After some more observations and testing, this issue that is discussed does not seem to apply to my Intel setup.  I'm pretty sure my ISP did something; not sure what but will keep an eye out if the issue persists.

So far, I'm stable. 
Title: Re: OPNsense needs periodic reboot since updated to 24.7.9_1-amd64
Post by: bongo on December 04, 2024, 07:59:50 AM
Quote from: franco on December 03, 2024, 09:25:27 PM
em(4) driver should cover both devices and should be fine.

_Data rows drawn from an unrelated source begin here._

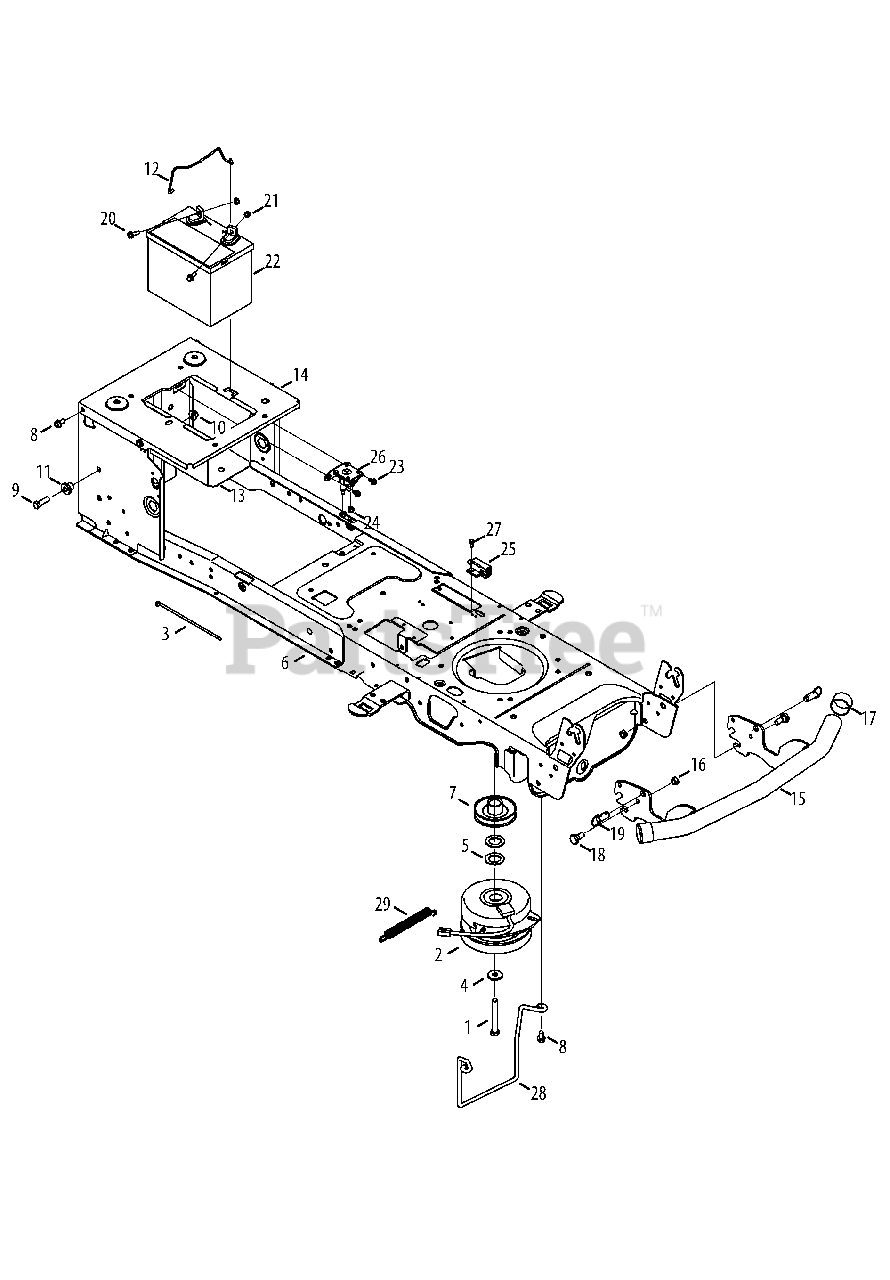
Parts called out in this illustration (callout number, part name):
1	Hex Head Screw, 7/16-20:3.50
2	Electric PTO Clutch
2	Clutch Wire Jumper
3	Cable Tie, 3/16 x .05 x 7.4
4	Washer, Flat, .450 x 1.25 x .164
5	Flat Washer, 1.031 x 1.620 x .095
6	Frame
7	Electric PTO Engine Pulley
8	Taptite Screw, 5/16-18:.750
9	Hex Head Screw, 3/8-16:1.25
10	Flangelock Nut, 3/8-16
11	Shoulder Spacer, .38 x 1.0 x .70
12	Battery Holder Rod
14	Seat Frame Bracket
16	Hex Lock Nut, 3/8-16
17	Bumper Cap
18	Shoulder Bolt, .496 x .336
19	Quick Release Pin
20	Hex Head Flange, 1/4-20:.75
21	Sems Nut, 1/4-20
23	Taptite Screw, 1/4-20:0.375
24	Flangelock Nut, 1/4-20
25	Interlock Switch
26	Solenoid, 12 V
27	Shoulder Screw, #10-32:.500
28	Belt Keeper Rod
29	Spring, Extn, .56 Dia X 5.52

Just for reference, what hardware does this run on?


it's an asrock j3455m pc mainboard (with a realtek onboard nic which i used so far for the upling re0).
in each one of the 3 pcie slots, i have a nic used for one of the lans.
when i built the machine a few years ago, i took different lan cards for each of the slots to be prepared for tests once i run into issues with one of the cards.
unfortunately, all 3 cards are used for lans in the meantime, that's why i attached an usb nic for my actual tests.

i now plan to replace one of the cards with an intel dual nic. so i again get a spare nic.
Title: Re: OPNsense needs periodic reboot since updated to 24.7.9_1-amd64
Post by: bongo on February 11, 2025, 07:59:15 AM
i built a new hardware for OPNsense, based on the same mobo, but with intel NICs.

this now seems to run stable for several weeks.

in parallel, i also ran the old hardware with realtec NICs for a few days, but surprisingly, this one also kept its uplink up for the whole time.

when updating to 24.7.11, i realized that this did also some update on the re-driver-package, which was not mentioned in the release notes. so maybe the original issue with realtek NICs got solved there, and it would not have been required to replaced my hardware.